Intermediate Court of Appeals of Hawaii

July 31, 2017

IN THE MATTER OF THE ESTATE OF ETHEL CAMACHO, Deceased.
v.
BEVERLY J. CALKOVSKY, Respondent- Appellant. IN THE MATTER OF THE ETHEL CAMACHO LIVING TRUST. NEPHI DANIEL IOANE CAMACHO, Petitioner-Appellee,

         APPEAL FROM THE CIRCUIT COURT OF THE FIRST CIRCUIT (PROBATE NO. 08-1-0192, TRUST NO. 08-1-0094)

          Peter Van Name Esser, Ted H.S. Hong, and Darwin L.D. Ching for Respondent-Appellant.

          Carroll S. Taylor (Taylor, Leong & Chee) and Michael D. Rudy and Cheryl R. Ng (MacDonald Rudy Byrns O'Neill & Yamauchi) for Petitioner-Appellee.

          NAKAMURA, CHIEF JUDGE, AND REIFURTH AND GINOZA, JJ.

          OPINION

          NAKAMURA, CHIEF JUDGE

         Prior to her death in 2008, Ethel Camacho (Ethel) executed wills in 1998, 2000, and 2004. The 1998 will left Ethel's entire estate to her two grandsons, Nephi Daniel Ioane Camacho (Nephi) and Moses Antonio Ioane Camacho (Moses), and nominated Nephi as the personal representative, after Ethel's son, the original sole beneficiary of the will, predeceased her in 1999. The 2000 and 2004 wills left Ethel's entire estate to her daughter, Beverly Calkovsky (Beverly), and nominated Beverly as the personal representative. After Ethel's death, Nephi and Beverly engaged in a will contest, with Nephi contending that the 1998 will was Ethel's last validly executed will and Beverly contending that either the 2000 will or the 2004 will was the last validly executed will. After a trial, the jury found that the 2000 will was Ethel's last validly executed will.

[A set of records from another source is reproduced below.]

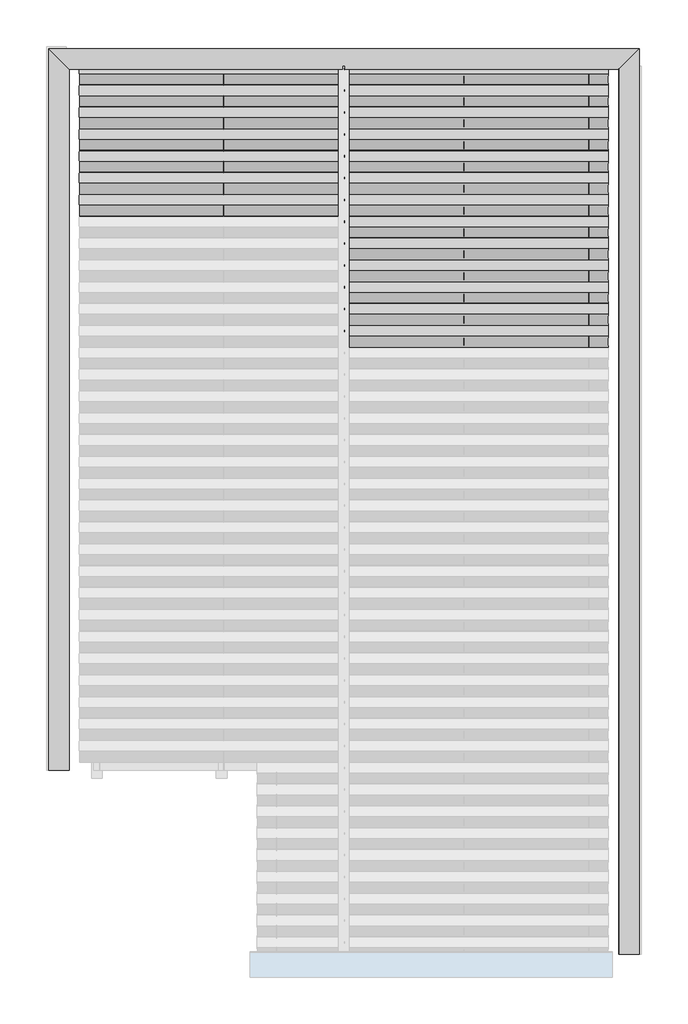
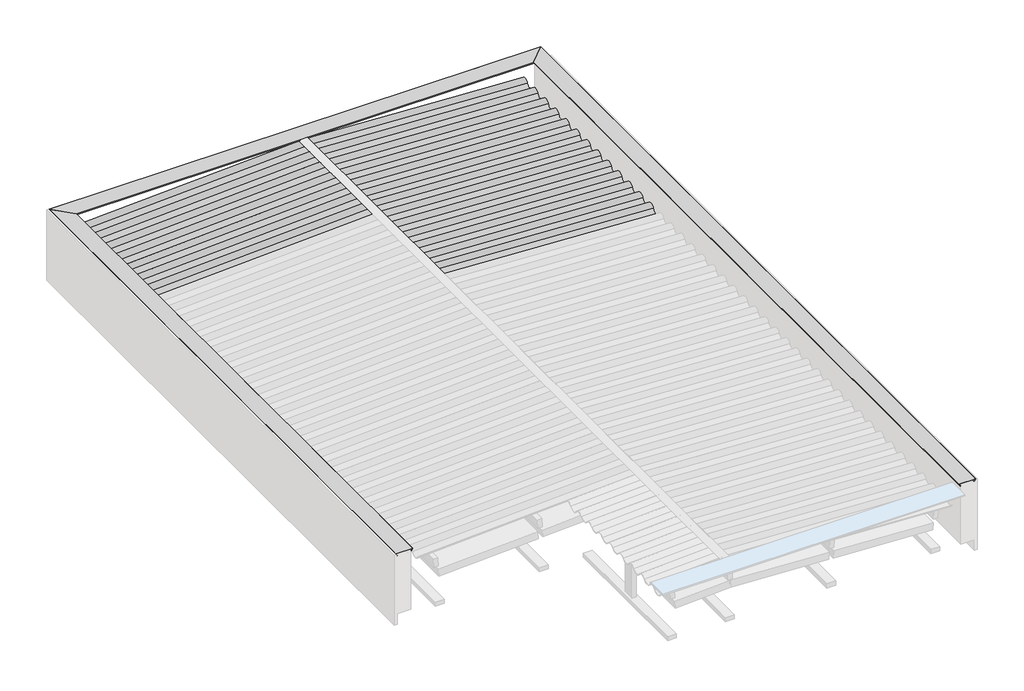
# One storey, part 4 of 4: 27 beams, 7 columns, 1 proxy.
"""IFC4 building model written with IfcOpenShell, lengths in millimetres."""

import ifcopenshell
import ifcopenshell.guid

model = None  # the IFC model being written
_history = None  # IfcOwnerHistory: only IFC2X3 demands one
_inside = {}  # id of a spatial element -> (the spatial element, [elements in it])
_under = {}  # id of a project, library or spatial element -> (it, [spatial elements below it])
_declared = {}  # id of a project -> (the project, [libraries it declares])
_typed = {}  # id of a type object -> (the type object, [elements of that type])
_made_of = {}  # id of a material, layer set ... -> (it, [elements and type objects made of it])


def new_model(schema):
    """Start an empty IFC model of exactly this schema.

    Asked for "IFC4X3", IfcOpenShell would pick the latest addendum, in which some entities
    have other attributes; the version numbers below select the first issue.
    IFC2X3 requires an IfcOwnerHistory on every rooted entity: one is made here for all.
    """
    global model, _history
    if schema == "IFC4X3":
        model = ifcopenshell.file(schema_version=(4, 3, 0, 0))
    else:
        model = ifcopenshell.file(schema=schema)
    _inside.clear()
    _under.clear()
    _declared.clear()
    _typed.clear()
    _made_of.clear()
    _history = None
    if model.schema == "IFC2X3":
        org = make("IfcOrganization", Name="unknown")
        user = make(
            "IfcPersonAndOrganization",
            ThePerson=make("IfcPerson", FamilyName="unknown"),
            TheOrganization=org,
        )
        app = make(
            "IfcApplication",
            ApplicationDeveloper=org,
            Version="unknown",
            ApplicationFullName="unknown",
            ApplicationIdentifier="unknown",
        )
        _history = make(
            "IfcOwnerHistory",
            OwningUser=user,
            OwningApplication=app,
            ChangeAction="ADDED",
            CreationDate=0,
        )
    return model


def make(cls, **values):
    """One entity of the class cls with the attributes given. An attribute that is None is left unset."""
    return model.create_entity(
        cls, **{name: value for name, value in values.items() if value is not None}
    )


def rooted(cls, **values):
    """An entity with a GlobalId (a new one), such as an element, a storey or a relation."""
    return make(cls, GlobalId=ifcopenshell.guid.new(), OwnerHistory=_history, **values)


def si_unit(unit_type, name, prefix=None):
    """IfcSIUnit, for example si_unit("LENGTHUNIT", "METRE", prefix="MILLI")."""
    return make("IfcSIUnit", UnitType=unit_type, Prefix=prefix, Name=name)


def assignment(units):
    """IfcUnitAssignment: the units of a project."""
    return None if units is None else make("IfcUnitAssignment", Units=units)


def point(xyz):
    """IfcCartesianPoint."""
    return None if xyz is None else make("IfcCartesianPoint", Coordinates=xyz)


def direction(xyz):
    """IfcDirection."""
    return None if xyz is None else make("IfcDirection", DirectionRatios=xyz)


def frame(location, z_axis=None, x_axis=None):
    """IfcAxis2Placement3D, a coordinate frame: its origin and axes. An axis left out is left unset."""
    return make(
        "IfcAxis2Placement3D",
        Location=point(location),
        Axis=direction(z_axis),
        RefDirection=direction(x_axis),
    )


def frame_2d(location, x_axis=None):
    """IfcAxis2Placement2D, a coordinate frame in the plane: its origin and x axis."""
    return make(
        "IfcAxis2Placement2D", Location=point(location), RefDirection=direction(x_axis)
    )


def origin():
    """The frame at (0, 0, 0) with its axes left unset."""
    return frame((0.0, 0.0, 0.0))


def place(relative_to, where):
    """IfcLocalPlacement: puts the frame where relative to a parent placement (None: the world)."""
    return make(
        "IfcLocalPlacement", PlacementRelTo=relative_to, RelativePlacement=where
    )


def context(
    kind, dimensions, precision=None, world=None, true_north=None, identifier=None
):
    """IfcGeometricRepresentationContext, for example the 3D "Model" context."""
    return make(
        "IfcGeometricRepresentationContext",
        ContextIdentifier=identifier,
        ContextType=kind,
        CoordinateSpaceDimension=dimensions,
        Precision=precision,
        WorldCoordinateSystem=world,
        TrueNorth=true_north,
    )


def project(units=None, contexts=None):
    """IfcProject with its units and contexts."""
    return rooted(
        "IfcProject",
        Name="project",
        RepresentationContexts=contexts,
        UnitsInContext=assignment(units),
    )


def spatial(cls, under=None, at=None, **own):
    """A site, building, storey or space (cls), placed at a placement, below another one or the project."""
    s = rooted(cls, ObjectPlacement=at, **own)
    if under is not None:
        _under.setdefault(under.id(), (under, []))[1].append(s)
    return s


def polyline(points):
    """IfcPolyline through the points."""
    return make("IfcPolyline", Points=[point(p) for p in points])


def circle_curve(where, radius):
    """IfcCircle in the frame where."""
    return make("IfcCircle", Position=where, Radius=radius)


def trimmed(basis, trim1, trim2, sense, master):
    """IfcTrimmedCurve: the piece of a basis curve between two trims."""
    return make(
        "IfcTrimmedCurve",
        BasisCurve=basis,
        Trim1=trim1,
        Trim2=trim2,
        SenseAgreement=sense,
        MasterRepresentation=master,
    )


def segment(curve, same_sense, transition):
    """IfcCompositeCurveSegment."""
    return make(
        "IfcCompositeCurveSegment",
        Transition=transition,
        SameSense=same_sense,
        ParentCurve=curve,
    )


def composite_curve(segments, self_intersect=None):
    """IfcCompositeCurve: segments joined end to end."""
    return make("IfcCompositeCurve", Segments=segments, SelfIntersect=self_intersect)


def outline(outer, holes=None, kind="AREA"):
    """IfcArbitraryClosedProfileDef: a profile drawn as a closed curve; with holes, ...WithVoids."""
    if holes is None:
        return make("IfcArbitraryClosedProfileDef", ProfileType=kind, OuterCurve=outer)
    return make(
        "IfcArbitraryProfileDefWithVoids",
        ProfileType=kind,
        OuterCurve=outer,
        InnerCurves=holes,
    )


def extrude(swept, where, along, depth):
    """IfcExtrudedAreaSolid: the profile swept, set in the frame where, extruded along a direction by depth."""
    return make(
        "IfcExtrudedAreaSolid",
        SweptArea=swept,
        Position=where,
        ExtrudedDirection=direction(along),
        Depth=depth,
    )


def faces_of(points, faces, orient=None, outer=None):
    """IfcFace entities. A face is a list of loops; a loop is a list of indices into points, from 0.

    orient and outer hold one flag for each loop. By default every Orientation is true, the
    first loop of a face is its IfcFaceOuterBound and the others are IfcFaceBound.
    """
    made = []
    for i, loops in enumerate(faces):
        bounds = []
        for j, loop in enumerate(loops):
            is_outer = j == 0 if outer is None else outer[i][j]
            bounds.append(
                make(
                    "IfcFaceOuterBound" if is_outer else "IfcFaceBound",
                    Bound=make("IfcPolyLoop", Polygon=[points[k] for k in loop]),
                    Orientation=True if orient is None else orient[i][j],
                )
            )
        made.append(make("IfcFace", Bounds=bounds))
    return made


def faceted_brep(points, faces, orient=None, outer=None, voids=None):
    """IfcFacetedBrep: a solid bounded by flat faces; with voids (closed shells), ...WithVoids."""
    shared = [point(p) for p in points]
    hull = make("IfcClosedShell", CfsFaces=faces_of(shared, faces, orient, outer))
    if voids is None:
        return make("IfcFacetedBrep", Outer=hull)
    return make(
        "IfcFacetedBrepWithVoids",
        Outer=hull,
        Voids=[
            make(cls, CfsFaces=faces_of(shared, fs, o, b)) for cls, fs, o, b in voids
        ],
    )


def shape(context_of_items, identifier, shape_type, items):
    """IfcShapeRepresentation: the items that make up one representation, for example the "Body"."""
    return make(
        "IfcShapeRepresentation",
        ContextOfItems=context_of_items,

         Nephi had retained lawyers who represented him on a contingency fee basis, and because Nephi was unsuccessful in his will contest, he apparently was not obligated to pay any attorneys' fees to his lawyers. However, it appears that Nephi was obligated to pay for litigation costs. Nephi filed a motion for attorneys' fees and costs pursuant Hawaii Revised Statutes (HRS) § 560:3-720 (2006), which provides:

If any personal representative or person nominated as personal representative defends or prosecutes any proceeding in good faith, whether successful or not that person is entitled to receive from the estate that person's necessary expenses and disbursements including reasonable attorneys' fees incurred.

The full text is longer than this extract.